Hounds on exercise are usually well controlled, but again I can see that if you are exercising in public areas, rather than way out in the countryside, then rules should be obeyed just the same as if you are walking your household pooch.


----------



## Mule (13 October 2018)

Seems completely over the top. If people take offence to sh*t, they should live in the city.


----------



## ester (13 October 2018)

I totally understand the poo problem if they are using PROW, our only off road access is also frequented by several dog walking services and private owners. They all seem to get out the car and poo on the very first bit of the track, it's practically impossible to avoid on horseback and I then get the joy of getting it out of Frank's boots once home.
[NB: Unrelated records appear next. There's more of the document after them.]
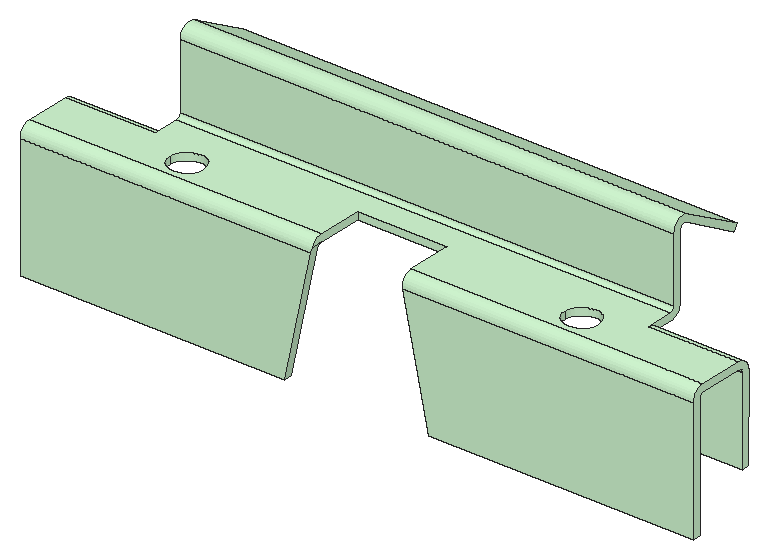
Revit family "pachi", category 機械設備, Revit 2022
Family settings
  丸型コネクタ寸法 = 直径を使用
  種別 = なし
  パーツ タイプ = 標準
  作業面ベース = いいえ
  常に垂直 = はい
  ロード時にボイドで切り取り = いいえ
  注釈の向きを維持 = いいえ
  共有 = いいえ
  部屋計算ポイント = いいえ
Parameters
  製造元 = "株式会社桐井製作所"
  既定の高さ = 0 mm
  URL = "https://www.kirii.co.jp/"
  K_材質 = "溶融亜鉛めっき鋼板及び鋼帯 SGCC 一般用"
  K_品名 = "pachi"
  K_名称 = "ジョイント補強金具"
  K_バージョン情報 = "20220915"
  K_めっき付着量 = "Z12"
  K_JIS規格 = "JIS G 3302"
Reference planes
  plane 1 "中心(正面/背面)": y = 0
  plane 2: z = 0
  plane 3 "中心(左/右)": x = 0
Forms (mm)
  Extrusion 1, solid
    sketch origin (0, 0, 0) x (0, 1, 0) y (0, 0, 1)
      loop
        arc (-2.5, 0.8) -> (-3.419, 0.419) -> (-3.8, -0.5) r 1.3
        line (-3.8, -0.5) -> (-3.8, -14.2) -> (-3, -14.2) -> (-3, -0.5)
        arc (-3, -0.5) -> (-2.854, -0.146) -> (-2.5, 0) r 0.5
        line (-2.5, 0) -> (2.5, 0)
        arc (2.5, 0) -> (2.854, -0.146) -> (3, -0.5) r 0.5
        line (3, -0.5) -> (3, -10.2) -> (3.8, -10.2) -> (3.8, -0.5)
        arc (3.8, -0.5) -> (3.419, 0.419) -> (2.5, 0.8) r 1.3
        line (2.5, 0.8) -> (-2.5, 0.8)
    from -37.5 to 37.5
  Extrusion 2, void
    sketch origin (0, 0, 0) x (1, 0, 0) y (0, 1, 0)
      loop
        circle (-22, 0) r 1.902
      loop
        circle (22, 0) r 1.902
    from 0 to 0.8
  Extrusion 3, void
    sketch origin (0, 0, 0) x (1, 0, 0) y (0, 0, 1)
      loop
        line (-8, -14.2) -> (8, -14.2) -> (5, 0) -> (5, 0.8) -> (-5, 0.8) -> (-5, 0) -> (-8, -14.2)
    from -7.272 to 4.1
  Extrusion 4, void
    sketch origin (0, 0, 0) x (1, 0, 0) y (0, 0, 1)
      loop
        line (7.155, -10.2) -> (28.1, -10.2) -> (28.1, 0) -> (5, 0) -> (7.155, -10.2)
    from -4.115 to -2.5
  Extrusion 5, void
    sketch origin (0, 0, 0) x (-1, 0, 0) y (0, 0, -1)
      loop
        line (7.155, 10.2) -> (5, 0) -> (28.1, 0) -> (28.1, 10.2) -> (7.155, 10.2)
    from -4.034 to -2.578
  Extrusion 6, solid
    sketch origin (0, -0.009, 0) x (0, 1, 0) y (0, 0, 1)
      loop
        line (14.66, 5.8) -> (7.95, 9.674)
        arc (7.95, 9.674) -> (6.65, 9.674) -> (6, 8.548) r 1.3
        line (6, 8.548) -> (6, 1.3)
        arc (6, 1.3) -> (5.854, 0.946) -> (5.5, 0.8) r 0.5
        line (5.5, 0.8) -> (2.509, 0.8) -> (2.509, 0) -> (5.5, 0)
        arc (5.5, 0) -> (6.419, 0.381) -> (6.8, 1.3) r 1.3
        line (6.8, 1.3) -> (6.8, 8.548)
        arc (6.8, 8.548) -> (7.05, 8.981) -> (7.55, 8.981) r 0.5
        line (7.55, 8.981) -> (14.26, 5.107) -> (14.66, 5.8)
    from -27.5 to 27.5
Cuts and joins
  Extrusion 2, Extrusion 3, Extrusion 4, Extrusion 5 cuts Extrusion 1
  joined: Extrusion 1, Extrusion 6
Dimensions and locks
  aligned and locked: level to plane 2

And yes there is a bin at the gate, max 20M away from this bit of track (after that the track opens up so less of an issue). 

However for the most part I totally agree wtih Spacefaers statement about control levels!


----------



## Tiddlypom (13 October 2018)

Dog poo in general is pretty revolting, so it should be picked up unless on private land. The limit of 6 dogs per person is IMHO too high, 4 would be better thinking more of the 'professional' dog walkers who don't pick after/can't control their charges.

This is a section of the Whitegate Way, it's a well used former railway line near an urban area. It could be quite intimidating for a non dog lover to be confronted by a large number of loose hounds on this, especially if they have their own dog/a pushchair/a toddler in tow.





It's no secret where the hunt kennels are, they are named on the OS map . Just north of points 8 & 9, so the Whitegate Way would be a convenient place to exercise hounds.


----------



## Smogul (23 October 2018)

spacefaer said:



			I would point out that most huntsmen have more control over 30 couple of hounds loose around him in a pack than most pet dog owners with one dog.
		
Click to expand...

Yeah, right. I can still remember being at Burleigh many years ago when various packs of hounds were brought into one of the arenas to show how well controlled they were. When we left late on, there were several still loose with hunt staff frantically trying to round them up. The demonstration was never repeated.


----------



## ester (23 October 2018)

Multiple packs together always results in a little confusion as to who should be going with who, plenty of shows still have multiple local hound packs parade simultaneously. Obviously that isn't normal day in day out. 

Did you mean Burghley?


----------



## Red-1 (23 October 2018)

spacefaer said:



			I would point out that most huntsmen have more control over 30 couple of hounds loose around him in a pack than most pet dog owners with one dog.
		
Click to expand...

Ha Ha, maybe your local pack is different to ours. For a while last year it was a sort of local Facebook joke, spot the loose/lost hounds at the end of the hunt day. Once one was lost and turned up sore-pawed in the local town. The message went round to lock up your cats! It is not unusual to see a hunt person out on the quad trying to round up stragglers.


----------



## baran (6 November 2018)

mule said:



			Seems completely over the top. If people take offence to sh*t, they should live in the city.
		
Click to expand...

Try telling that to a farmer who lost a field of standing hay due to dog sh*t liberally spread throughout


----------



## Mule (6 November 2018)

baran said:



			Try telling that to a farmer who lost a field of standing hay due to dog sh*t liberally spread throughout
		
Click to expand...

The thread was about sh*t on public land not in hay fields.


----------



## baran (7 November 2018)

mule said:



			The thread was about sh*t on public land not in hay fields.
		
Click to expand...

I was responding to the poster who said you shouldn't live in the country if you couldn't cope with sh*t so I don't see the relevance of your response.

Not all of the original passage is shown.